During its early years, PZ consisted of a loose collection of 10-15 research assistants and senior scholars. Included in this group were: psychologist Paul Kolers, philosopher Israel Scheffler, literary analyst Barbara Leondar, and Howard Gardner and David Perkins, as founding (and sometimes uncompensated) research assistants. The group met regularly to discuss philosophical, psychological, and conceptual issues in the arts and art education. From the first, the Project took a cognitive view of the arts, viewing artistic activity as involving mental processes fully as powerful and subtle as those used in the sciences or public policy. In that sense, the Project reflected the Cognitive Revolution of the time--countering both the behaviorist past of psychology and the overly romantic view of the arts as matters of mystery, emotion, or entertainment. The "Bible" for this period was Goodman's influential Languages of Art (1968).
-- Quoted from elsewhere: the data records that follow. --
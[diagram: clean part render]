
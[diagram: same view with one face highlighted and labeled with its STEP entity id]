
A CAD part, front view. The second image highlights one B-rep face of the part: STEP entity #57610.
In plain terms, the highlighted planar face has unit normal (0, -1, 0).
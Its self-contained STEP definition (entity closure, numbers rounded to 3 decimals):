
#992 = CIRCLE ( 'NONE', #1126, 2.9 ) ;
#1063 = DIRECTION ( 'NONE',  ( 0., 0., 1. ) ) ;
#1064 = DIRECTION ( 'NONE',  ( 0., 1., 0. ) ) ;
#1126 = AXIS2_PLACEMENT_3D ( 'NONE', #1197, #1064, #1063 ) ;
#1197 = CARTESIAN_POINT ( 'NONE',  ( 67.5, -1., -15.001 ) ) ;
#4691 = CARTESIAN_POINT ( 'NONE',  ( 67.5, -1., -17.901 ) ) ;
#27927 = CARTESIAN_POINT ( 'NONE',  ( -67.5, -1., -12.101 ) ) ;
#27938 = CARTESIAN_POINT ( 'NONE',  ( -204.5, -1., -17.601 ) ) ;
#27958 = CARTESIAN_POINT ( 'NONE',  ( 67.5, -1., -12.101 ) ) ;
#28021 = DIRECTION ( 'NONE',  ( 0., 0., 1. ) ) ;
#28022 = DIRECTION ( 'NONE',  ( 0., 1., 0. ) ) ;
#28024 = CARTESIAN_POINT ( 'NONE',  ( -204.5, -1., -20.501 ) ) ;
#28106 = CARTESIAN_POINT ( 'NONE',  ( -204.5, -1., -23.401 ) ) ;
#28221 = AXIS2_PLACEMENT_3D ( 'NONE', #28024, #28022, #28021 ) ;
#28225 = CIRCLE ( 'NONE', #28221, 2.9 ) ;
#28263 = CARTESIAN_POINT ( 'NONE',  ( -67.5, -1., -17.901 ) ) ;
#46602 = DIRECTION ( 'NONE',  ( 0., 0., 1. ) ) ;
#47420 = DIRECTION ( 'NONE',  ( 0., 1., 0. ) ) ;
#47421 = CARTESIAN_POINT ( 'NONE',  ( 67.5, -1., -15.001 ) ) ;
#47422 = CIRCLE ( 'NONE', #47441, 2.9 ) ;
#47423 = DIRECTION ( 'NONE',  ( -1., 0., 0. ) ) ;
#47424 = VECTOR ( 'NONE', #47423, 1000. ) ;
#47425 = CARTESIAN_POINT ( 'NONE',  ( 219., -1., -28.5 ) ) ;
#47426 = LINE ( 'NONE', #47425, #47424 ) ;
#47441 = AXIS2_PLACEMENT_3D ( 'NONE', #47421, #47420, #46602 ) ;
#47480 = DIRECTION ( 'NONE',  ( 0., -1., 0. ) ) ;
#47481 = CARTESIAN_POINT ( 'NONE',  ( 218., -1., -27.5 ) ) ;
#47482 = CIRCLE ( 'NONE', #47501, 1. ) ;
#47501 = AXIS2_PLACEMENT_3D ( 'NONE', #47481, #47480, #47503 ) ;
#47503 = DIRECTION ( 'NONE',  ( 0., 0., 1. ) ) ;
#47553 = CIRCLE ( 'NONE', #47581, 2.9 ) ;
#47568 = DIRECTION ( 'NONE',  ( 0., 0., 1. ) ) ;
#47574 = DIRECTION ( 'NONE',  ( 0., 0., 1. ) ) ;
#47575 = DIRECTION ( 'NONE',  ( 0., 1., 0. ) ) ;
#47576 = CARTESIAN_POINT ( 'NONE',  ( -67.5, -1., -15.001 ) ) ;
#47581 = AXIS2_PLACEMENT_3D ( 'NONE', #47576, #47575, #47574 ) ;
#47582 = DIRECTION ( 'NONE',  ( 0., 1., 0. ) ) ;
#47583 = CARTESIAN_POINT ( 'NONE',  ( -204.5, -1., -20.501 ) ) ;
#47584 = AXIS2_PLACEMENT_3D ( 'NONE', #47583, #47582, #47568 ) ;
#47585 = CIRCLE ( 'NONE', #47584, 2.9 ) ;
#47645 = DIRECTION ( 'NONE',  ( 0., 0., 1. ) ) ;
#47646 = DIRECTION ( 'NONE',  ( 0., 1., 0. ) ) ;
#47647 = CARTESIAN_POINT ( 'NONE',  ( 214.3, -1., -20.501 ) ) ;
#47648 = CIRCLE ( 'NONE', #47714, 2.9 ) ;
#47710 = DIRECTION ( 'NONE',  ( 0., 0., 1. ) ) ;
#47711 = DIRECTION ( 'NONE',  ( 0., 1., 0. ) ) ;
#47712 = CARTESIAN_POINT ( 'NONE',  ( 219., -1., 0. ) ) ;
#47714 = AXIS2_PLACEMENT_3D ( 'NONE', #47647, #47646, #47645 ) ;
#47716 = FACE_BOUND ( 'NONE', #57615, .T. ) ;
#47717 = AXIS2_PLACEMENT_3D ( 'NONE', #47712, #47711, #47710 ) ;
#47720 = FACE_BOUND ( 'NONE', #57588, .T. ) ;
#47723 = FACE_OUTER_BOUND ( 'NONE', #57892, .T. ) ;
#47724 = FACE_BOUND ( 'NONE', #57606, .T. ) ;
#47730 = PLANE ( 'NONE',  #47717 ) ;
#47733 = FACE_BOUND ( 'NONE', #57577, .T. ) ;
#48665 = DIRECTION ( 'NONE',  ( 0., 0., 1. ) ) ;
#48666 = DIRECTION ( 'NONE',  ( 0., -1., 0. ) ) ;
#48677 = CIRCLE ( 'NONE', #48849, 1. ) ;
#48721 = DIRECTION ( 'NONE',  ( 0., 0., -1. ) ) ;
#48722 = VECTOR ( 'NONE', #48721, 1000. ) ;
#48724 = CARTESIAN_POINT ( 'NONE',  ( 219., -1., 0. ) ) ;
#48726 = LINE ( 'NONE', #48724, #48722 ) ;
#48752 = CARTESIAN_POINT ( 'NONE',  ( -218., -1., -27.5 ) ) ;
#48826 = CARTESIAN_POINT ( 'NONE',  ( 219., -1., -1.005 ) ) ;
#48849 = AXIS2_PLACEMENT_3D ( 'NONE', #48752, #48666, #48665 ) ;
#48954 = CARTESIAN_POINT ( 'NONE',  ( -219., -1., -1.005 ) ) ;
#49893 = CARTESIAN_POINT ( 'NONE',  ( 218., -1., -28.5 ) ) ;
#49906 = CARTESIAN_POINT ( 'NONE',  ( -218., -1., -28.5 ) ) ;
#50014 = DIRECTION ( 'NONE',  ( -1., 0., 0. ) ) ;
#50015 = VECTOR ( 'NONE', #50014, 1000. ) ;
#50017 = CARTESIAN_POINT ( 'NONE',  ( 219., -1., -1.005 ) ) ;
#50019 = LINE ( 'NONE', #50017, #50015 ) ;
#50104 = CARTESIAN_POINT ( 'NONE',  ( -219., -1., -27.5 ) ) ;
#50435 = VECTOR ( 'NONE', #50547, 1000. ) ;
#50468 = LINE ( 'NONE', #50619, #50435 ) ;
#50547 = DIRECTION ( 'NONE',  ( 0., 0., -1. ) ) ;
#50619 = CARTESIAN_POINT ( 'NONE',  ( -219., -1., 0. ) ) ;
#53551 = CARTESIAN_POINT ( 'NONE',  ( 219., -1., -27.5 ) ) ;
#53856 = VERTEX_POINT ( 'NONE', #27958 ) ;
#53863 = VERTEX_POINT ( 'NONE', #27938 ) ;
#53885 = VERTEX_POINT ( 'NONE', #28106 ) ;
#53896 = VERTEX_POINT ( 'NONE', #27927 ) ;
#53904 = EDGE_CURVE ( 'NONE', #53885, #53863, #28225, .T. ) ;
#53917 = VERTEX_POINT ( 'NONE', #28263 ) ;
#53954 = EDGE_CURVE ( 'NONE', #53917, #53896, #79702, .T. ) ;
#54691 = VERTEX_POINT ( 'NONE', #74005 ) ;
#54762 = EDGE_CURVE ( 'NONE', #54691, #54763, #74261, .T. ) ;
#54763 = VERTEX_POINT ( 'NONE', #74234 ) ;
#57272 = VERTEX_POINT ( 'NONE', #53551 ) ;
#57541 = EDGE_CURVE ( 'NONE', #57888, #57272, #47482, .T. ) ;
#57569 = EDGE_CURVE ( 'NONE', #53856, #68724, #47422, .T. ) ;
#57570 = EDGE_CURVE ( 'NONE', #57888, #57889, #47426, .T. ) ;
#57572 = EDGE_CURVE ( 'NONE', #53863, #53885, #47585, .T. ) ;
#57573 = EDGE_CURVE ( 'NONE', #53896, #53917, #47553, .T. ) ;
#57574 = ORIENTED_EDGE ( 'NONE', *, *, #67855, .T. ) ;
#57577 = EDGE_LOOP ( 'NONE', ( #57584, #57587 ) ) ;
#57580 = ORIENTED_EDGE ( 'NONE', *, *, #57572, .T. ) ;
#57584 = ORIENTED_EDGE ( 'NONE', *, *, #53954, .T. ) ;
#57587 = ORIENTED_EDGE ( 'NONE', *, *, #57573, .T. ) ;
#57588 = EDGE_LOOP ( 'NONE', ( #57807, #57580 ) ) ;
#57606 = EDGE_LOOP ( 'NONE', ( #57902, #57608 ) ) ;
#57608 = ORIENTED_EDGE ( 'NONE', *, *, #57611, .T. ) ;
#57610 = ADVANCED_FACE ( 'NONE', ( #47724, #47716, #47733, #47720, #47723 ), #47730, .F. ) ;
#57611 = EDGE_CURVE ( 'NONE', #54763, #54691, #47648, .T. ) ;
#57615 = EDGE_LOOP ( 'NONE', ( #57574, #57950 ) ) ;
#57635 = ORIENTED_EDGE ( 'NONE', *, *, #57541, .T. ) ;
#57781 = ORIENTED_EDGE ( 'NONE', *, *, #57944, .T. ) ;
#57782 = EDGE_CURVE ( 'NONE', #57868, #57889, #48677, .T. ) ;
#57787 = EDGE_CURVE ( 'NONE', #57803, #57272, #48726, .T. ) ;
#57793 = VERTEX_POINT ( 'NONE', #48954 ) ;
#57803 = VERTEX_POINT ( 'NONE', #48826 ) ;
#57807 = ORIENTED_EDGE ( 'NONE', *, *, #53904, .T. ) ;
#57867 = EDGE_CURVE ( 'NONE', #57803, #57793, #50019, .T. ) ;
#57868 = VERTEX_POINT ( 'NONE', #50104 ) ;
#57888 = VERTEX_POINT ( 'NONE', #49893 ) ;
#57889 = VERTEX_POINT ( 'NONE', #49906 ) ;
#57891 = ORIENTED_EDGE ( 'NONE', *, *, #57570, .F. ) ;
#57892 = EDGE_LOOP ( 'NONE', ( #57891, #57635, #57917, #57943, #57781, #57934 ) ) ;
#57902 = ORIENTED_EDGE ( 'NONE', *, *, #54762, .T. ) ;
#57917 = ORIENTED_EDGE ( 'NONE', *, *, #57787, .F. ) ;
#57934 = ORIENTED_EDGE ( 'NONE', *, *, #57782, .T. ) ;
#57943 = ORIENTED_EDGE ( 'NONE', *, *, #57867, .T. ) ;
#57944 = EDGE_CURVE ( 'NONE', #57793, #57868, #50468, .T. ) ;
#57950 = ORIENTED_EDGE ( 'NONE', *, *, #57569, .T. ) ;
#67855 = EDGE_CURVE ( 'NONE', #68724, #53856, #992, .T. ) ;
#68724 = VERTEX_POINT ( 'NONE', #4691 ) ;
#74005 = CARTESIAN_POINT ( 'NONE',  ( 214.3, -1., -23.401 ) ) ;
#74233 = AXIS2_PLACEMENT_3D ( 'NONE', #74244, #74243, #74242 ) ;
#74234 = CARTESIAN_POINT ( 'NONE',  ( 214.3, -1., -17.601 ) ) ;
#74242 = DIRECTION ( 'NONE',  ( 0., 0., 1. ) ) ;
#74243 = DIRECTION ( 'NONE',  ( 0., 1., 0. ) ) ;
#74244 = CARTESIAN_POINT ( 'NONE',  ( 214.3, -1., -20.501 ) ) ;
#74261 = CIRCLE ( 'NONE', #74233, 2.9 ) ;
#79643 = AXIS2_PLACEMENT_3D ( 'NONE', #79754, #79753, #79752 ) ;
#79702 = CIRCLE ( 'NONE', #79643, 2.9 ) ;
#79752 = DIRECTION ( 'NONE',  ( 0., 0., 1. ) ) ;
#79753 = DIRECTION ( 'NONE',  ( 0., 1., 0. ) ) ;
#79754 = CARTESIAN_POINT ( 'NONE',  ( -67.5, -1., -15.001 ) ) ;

During this early period position papers were written, and modest experiments were undertaken. The results of this first phase of work are captured in a final report for the U.S. Office of Education, prepared by Goodman, Perkins, and Gardner, called Basic Abilities Required for Understanding and Creation in the Arts (1972).

During the first years of PZ, Goodman also served as impresario for a dozen memorable lecture-performances at GSE. The purpose of these lecture-performances was to introduce GSE students, and the Harvard community more broadly, to the cognitive processes that characterize artistic planning, performance, and production. In later years, Goodman continued to serve as producer for a series of artistic activities and events at Harvard: these included newly commissioned multimedia performances of John Updike's Rabbit Run (1970), multimedia presentations inspired by Katharine Sturgis' drawing series Hockey Seen, and Picasso's drawings after Velasquez. Goodman was also catalytic in the formation of the Harvard Summer School Dance Program and the Harvard Business School Program in Arts Management.

2. Empirical Research in Cognitive and Developmental Psychology (1971/2-1983):

In 1971, Goodman announced his intention to retire from PZ. He told Gardner and Perkins that they could direct the project--quipping, in characteristic fashion, "that means you can raise the money from now on." At first, Perkins took on the directorship and he was joined in 1972 by Gardner. During the following decade, Gardner, Perkins, and a small group of researchers that included Laurie Meringoff (Brown), Ellen Winner, and Dennie Wolf focused

their attention principally on empirical work in the area of cognitive psychology, with a continuing emphasis on artistic issues. An informal division of labor took place, with Gardner and colleagues focusing

primarily on developmental issues and populations, while Perkins and colleagues worked primarily with adult artists (and other adult populations). Results of this work can be found in many books and articles, and a number of collections, including Perkins and Leondar The Arts and Cognition (1977) and Gardner and Perkins Art Mind and Education (1989).